(Listed records)
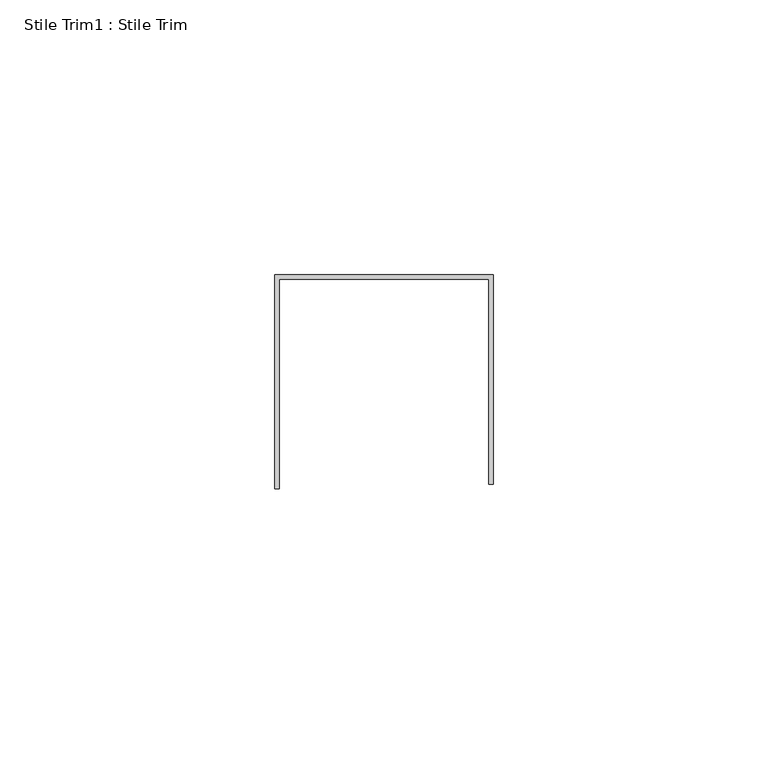
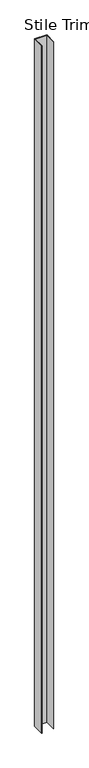
"""IFC4 building model written with IfcOpenShell, lengths in millimetres: proxy geometry, Stile Trim1 : Stile Trim."""

from ifc_helpers import new_model, si_unit, frame, origin, place, context, project, spatial, polyline, outline, extrude, source, transform, mapped, element, save


def stile_trim1_stile_trim_b98e89d7(model_context):
    return source(origin(), model_context, "Body", "SweptSolid", [
        extrude(outline(polyline([(587327.0060739, -532883.0289841), (587366.6808739, -532883.0289841), (587366.6808739, -532921.1289841), (587365.8934739, -532921.1289841), (587365.8934739, -532883.8163841), (587327.7934739, -532883.8163841), (587327.7934739, -532921.9163841), (587327.0060739, -532921.9163841), (587327.0060739, -532883.0289841)])), frame((0.0, 0.0, 50.8), z_axis=(0.0, 0.0, 1.0), x_axis=(1.0, 0.0, 0.0)), (0.0, 0.0, 1.0), 2350.3929688),
    ])


if __name__ == "__main__":
    model = new_model("IFC4")
    model_context = context("Model", 3, world=origin())
    ifc_project = project(units=[si_unit("LENGTHUNIT", "METRE", prefix="MILLI")], contexts=[model_context])
    site = spatial("IfcSite", under=ifc_project)
    building = spatial("IfcBuilding", under=site)
    placement = place(None, origin())
    stile_trim1_stile_trim_shape = stile_trim1_stile_trim_b98e89d7(model_context)
    element("IfcBuildingElementProxy", 1, Name="Stile Trim1 : Stile Trim", ObjectType="Stile Trim1 : Stile Trim", at=placement, inside=building, context=model_context, shape_type="MappedRepresentation", body=[
        mapped(stile_trim1_stile_trim_shape, transform((0.0, 0.0, 0.0), x_axis=(1.0, 0.0, 0.0), y_axis=(0.0, 1.0, 0.0), z_axis=(0.0, 0.0, 1.0))),
    ])
    save(model, "model.ifc")

# Revit data of these elements
# Element 1 (IfcBuildingElementProxy, "Stile Trim1 : Stile Trim")
#   Materials on its faces: "EDGE TRIM BY MTL PANEL MFR."
# Materials
#   "EDGE TRIM BY MTL PANEL MFR.": class "Generic", colour RGB 239 242 240, transparency 0, Cost = 0
(End Listed records)
■ **Task statement**
Pick out every line above that holds the word "origin" and copy it.

■ **Expected answer**
from ifc_helpers import new_model, si_unit, frame, origin, place, context, project, spatial, polyline, outline, extrude, source, transform, mapped, element, save
    return source(origin(), model_context, "Body", "SweptSolid", [
    model_context = context("Model", 3, world=origin())
    placement = place(None, origin())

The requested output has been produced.